**Directions**
Below is a block of records; return all of them exactly, but without the images.

**Supplied material**
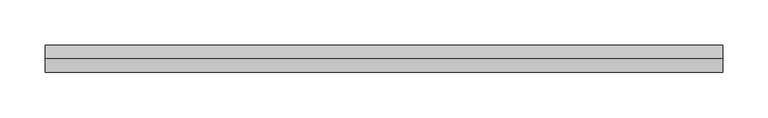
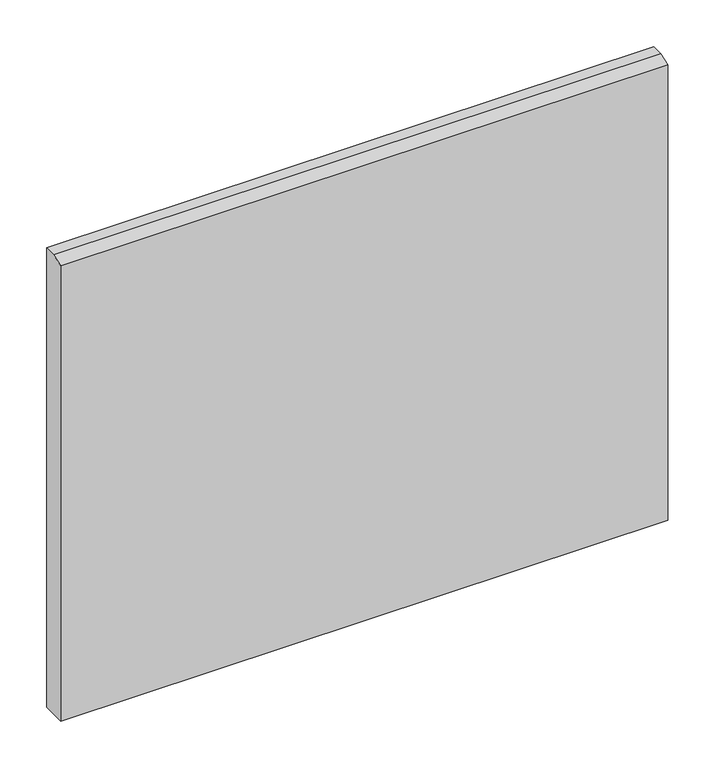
"""IFC4 building model written with IfcOpenShell, lengths in millimetres: proxy geometry, 400_35_NS_gevelplint : 30 mm dik."""

from ifc_helpers import new_model, si_unit, frame, origin, place, context, project, spatial, polyline, outline, extrude, source, transform, mapped, element, save


def generic_models_0f2e3a4e(model_context):
    return source(origin(), model_context, "Body", "SweptSolid", [
        extrude(outline(polyline([(30.0, 0.0), (0.0, 0.0), (0.0, 595.0), (15.0, 600.0), (30.0, 600.0), (30.0, 0.0)])), frame((-375.0, 0.0, 0.0), z_axis=(1.0, 0.0, 0.0), x_axis=(0.0, 1.0, 0.0)), (0.0, 0.0, 1.0), 750.0),
    ])


if __name__ == "__main__":
    model = new_model("IFC4")
    model_context = context("Model", 3, world=origin())
    ifc_project = project(units=[si_unit("LENGTHUNIT", "METRE", prefix="MILLI")], contexts=[model_context])
    site = spatial("IfcSite", under=ifc_project)
    building = spatial("IfcBuilding", under=site)
    placement = place(None, origin())
    generic_models_shape = generic_models_0f2e3a4e(model_context)
    element("IfcBuildingElementProxy", 1, Name="400_35_NS_gevelplint : 30 mm dik", ObjectType="400_35_NS_gevelplint : 30 mm dik", at=placement, inside=building, context=model_context, shape_type="MappedRepresentation", body=[
        mapped(generic_models_shape, transform((0.0, 0.0, 0.0), x_axis=(1.0, 0.0, 0.0), y_axis=(0.0, 1.0, 0.0), z_axis=(0.0, 0.0, 1.0))),
    ])
    save(model, "model.ifc")
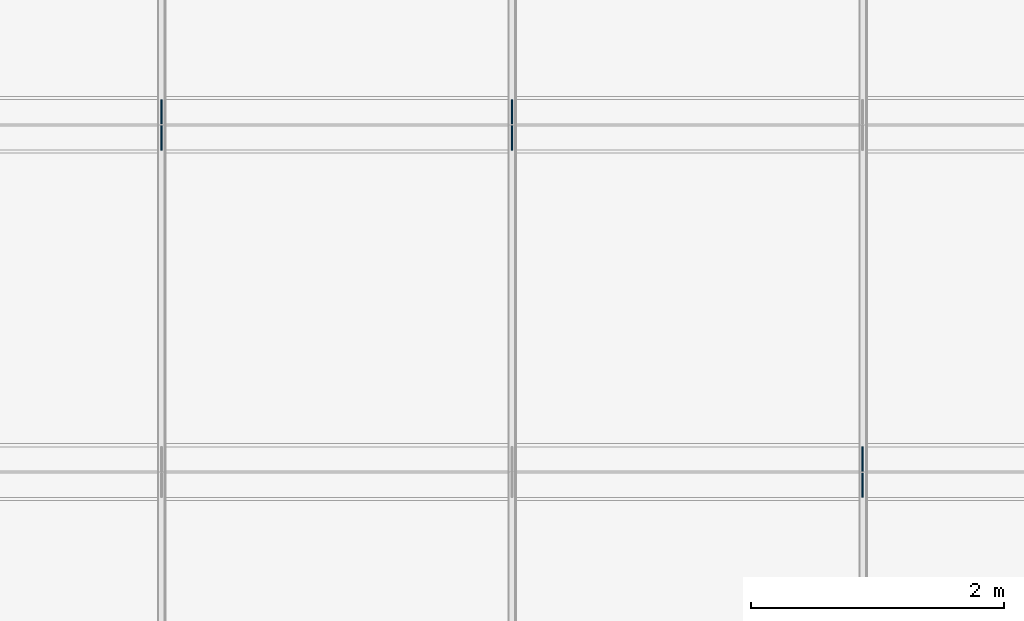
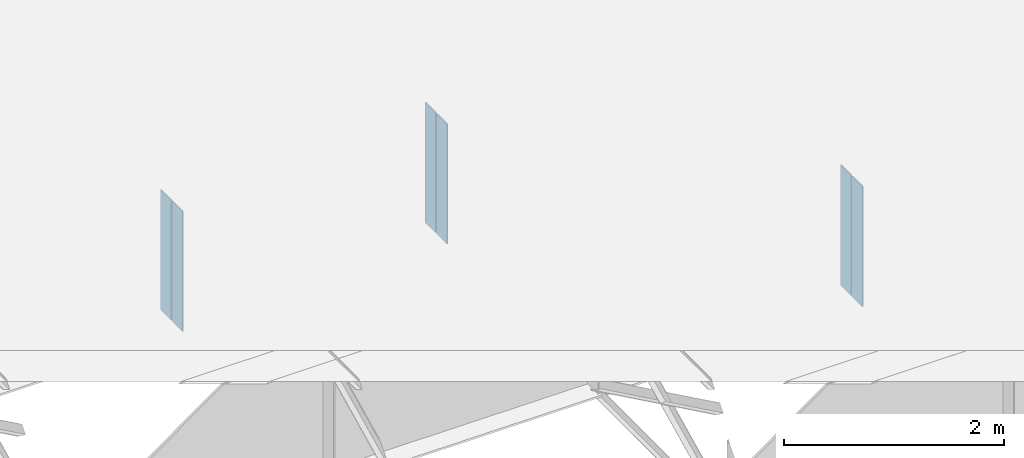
# One storey, part 6 of 10: 6 plates.
"""IFC4 building model written with IfcOpenShell, lengths in metres."""

from ifc_helpers import new_model, si_unit, frame, origin, origin_with_axes, origin_2d_with_axis, place, context, subcontext, project, spatial, rectangle, extrude, element, save


model = new_model("IFC4")

# Units and contexts
model_context = context("Model", 3, precision=1e-05, world=origin())
body_context = subcontext(model_context, "Body", "Model", "MODEL_VIEW")
ifc_project = project(units=[si_unit("LENGTHUNIT", "METRE"), si_unit("AREAUNIT", "SQUARE_METRE"), si_unit("VOLUMEUNIT", "CUBIC_METRE"), si_unit("PLANEANGLEUNIT", "RADIAN")], contexts=[model_context])

# Site, building, storey
site_placement = place(None, origin_with_axes())
site = spatial("IfcSite", under=ifc_project, at=site_placement, Name="Default Site")
building_placement = place(site_placement, origin_with_axes())
building = spatial("IfcBuilding", under=site, at=building_placement, Name="Bridge Structure")
storey_placement = place(building_placement, origin_with_axes())
storey = spatial("IfcBuildingStorey", under=building, at=storey_placement, Name="Superstructure")

# Plates
for number, where, z_axis, x_axis, name in (
    (1, (13.885, -1.2710000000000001, -0.6675), (0.0, 0.0, 1.0), (1.0, 0.0, 0.0), "Intermediate Stiffener 2"),
    (2, (13.885, -1.479, -0.6675), (0.0, 0.0, 1.0), (1.0, 0.0, 0.0), "Intermediate Stiffener 2"),
    (3, (8.331, 1.479, -0.6675), (0.0, 0.0, 1.0), (1.0, 0.0, 0.0), "Intermediate Stiffener 3"),
    (4, (8.331, 1.2710000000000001, -0.6675), (0.0, 0.0, 1.0), (1.0, 0.0, 0.0), "Intermediate Stiffener 3"),
    (5, (11.108, 1.479, -0.6675), (0.0, 0.0, 1.0), (1.0, 0.0, 0.0), "Intermediate Stiffener 3"),
    (6, (11.108, 1.2710000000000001, -0.6675), (0.0, 0.0, 1.0), (1.0, 0.0, 0.0), "Intermediate Stiffener 3"),
):
    element("IfcPlate", number, at=place(storey_placement, frame(where, z_axis=z_axis, x_axis=x_axis)), inside=storey, Name=name, context=body_context, shape_type="SweptSolid", body=[
        extrude(rectangle(XDim=0.012, YDim=0.192, at=origin_2d_with_axis()), origin_with_axes(), (0.0, 0.0, 1.0), 1.335),
    ])

save(model, "model.ifc")

**Completed task**
"""IFC4 building model written with IfcOpenShell, lengths in millimetres: proxy geometry, 400_35_NS_gevelplint : 30 mm dik."""

from ifc_helpers import new_model, si_unit, frame, origin, place, context, project, spatial, polyline, outline, extrude, source, transform, mapped, element, save


def generic_models_0f2e3a4e(model_context):
    return source(origin(), model_context, "Body", "SweptSolid", [
        extrude(outline(polyline([(30.0, 0.0), (0.0, 0.0), (0.0, 595.0), (15.0, 600.0), (30.0, 600.0), (30.0, 0.0)])), frame((-375.0, 0.0, 0.0), z_axis=(1.0, 0.0, 0.0), x_axis=(0.0, 1.0, 0.0)), (0.0, 0.0, 1.0), 750.0),
    ])


if __name__ == "__main__":
    model = new_model("IFC4")
    model_context = context("Model", 3, world=origin())
    ifc_project = project(units=[si_unit("LENGTHUNIT", "METRE", prefix="MILLI")], contexts=[model_context])
    site = spatial("IfcSite", under=ifc_project)
    building = spatial("IfcBuilding", under=site)
    placement = place(None, origin())
    generic_models_shape = generic_models_0f2e3a4e(model_context)
    element("IfcBuildingElementProxy", 1, Name="400_35_NS_gevelplint : 30 mm dik", ObjectType="400_35_NS_gevelplint : 30 mm dik", at=placement, inside=building, context=model_context, shape_type="MappedRepresentation", body=[
        mapped(generic_models_shape, transform((0.0, 0.0, 0.0), x_axis=(1.0, 0.0, 0.0), y_axis=(0.0, 1.0, 0.0), z_axis=(0.0, 0.0, 1.0))),
    ])
    save(model, "model.ifc")
# One storey, part 6 of 10: 6 plates.
"""IFC4 building model written with IfcOpenShell, lengths in metres."""

from ifc_helpers import new_model, si_unit, frame, origin, origin_with_axes, origin_2d_with_axis, place, context, subcontext, project, spatial, rectangle, extrude, element, save


model = new_model("IFC4")

# Units and contexts
model_context = context("Model", 3, precision=1e-05, world=origin())
body_context = subcontext(model_context, "Body", "Model", "MODEL_VIEW")
ifc_project = project(units=[si_unit("LENGTHUNIT", "METRE"), si_unit("AREAUNIT", "SQUARE_METRE"), si_unit("VOLUMEUNIT", "CUBIC_METRE"), si_unit("PLANEANGLEUNIT", "RADIAN")], contexts=[model_context])

# Site, building, storey
site_placement = place(None, origin_with_axes())
site = spatial("IfcSite", under=ifc_project, at=site_placement, Name="Default Site")
building_placement = place(site_placement, origin_with_axes())
building = spatial("IfcBuilding", under=site, at=building_placement, Name="Bridge Structure")
storey_placement = place(building_placement, origin_with_axes())
storey = spatial("IfcBuildingStorey", under=building, at=storey_placement, Name="Superstructure")

# Plates
for number, where, z_axis, x_axis, name in (
    (1, (13.885, -1.2710000000000001, -0.6675), (0.0, 0.0, 1.0), (1.0, 0.0, 0.0), "Intermediate Stiffener 2"),
    (2, (13.885, -1.479, -0.6675), (0.0, 0.0, 1.0), (1.0, 0.0, 0.0), "Intermediate Stiffener 2"),
    (3, (8.331, 1.479, -0.6675), (0.0, 0.0, 1.0), (1.0, 0.0, 0.0), "Intermediate Stiffener 3"),
    (4, (8.331, 1.2710000000000001, -0.6675), (0.0, 0.0, 1.0), (1.0, 0.0, 0.0), "Intermediate Stiffener 3"),
    (5, (11.108, 1.479, -0.6675), (0.0, 0.0, 1.0), (1.0, 0.0, 0.0), "Intermediate Stiffener 3"),
    (6, (11.108, 1.2710000000000001, -0.6675), (0.0, 0.0, 1.0), (1.0, 0.0, 0.0), "Intermediate Stiffener 3"),
):
    element("IfcPlate", number, at=place(storey_placement, frame(where, z_axis=z_axis, x_axis=x_axis)), inside=storey, Name=name, context=body_context, shape_type="SweptSolid", body=[
        extrude(rectangle(XDim=0.012, YDim=0.192, at=origin_2d_with_axis()), origin_with_axes(), (0.0, 0.0, 1.0), 1.335),
    ])

save(model, "model.ifc")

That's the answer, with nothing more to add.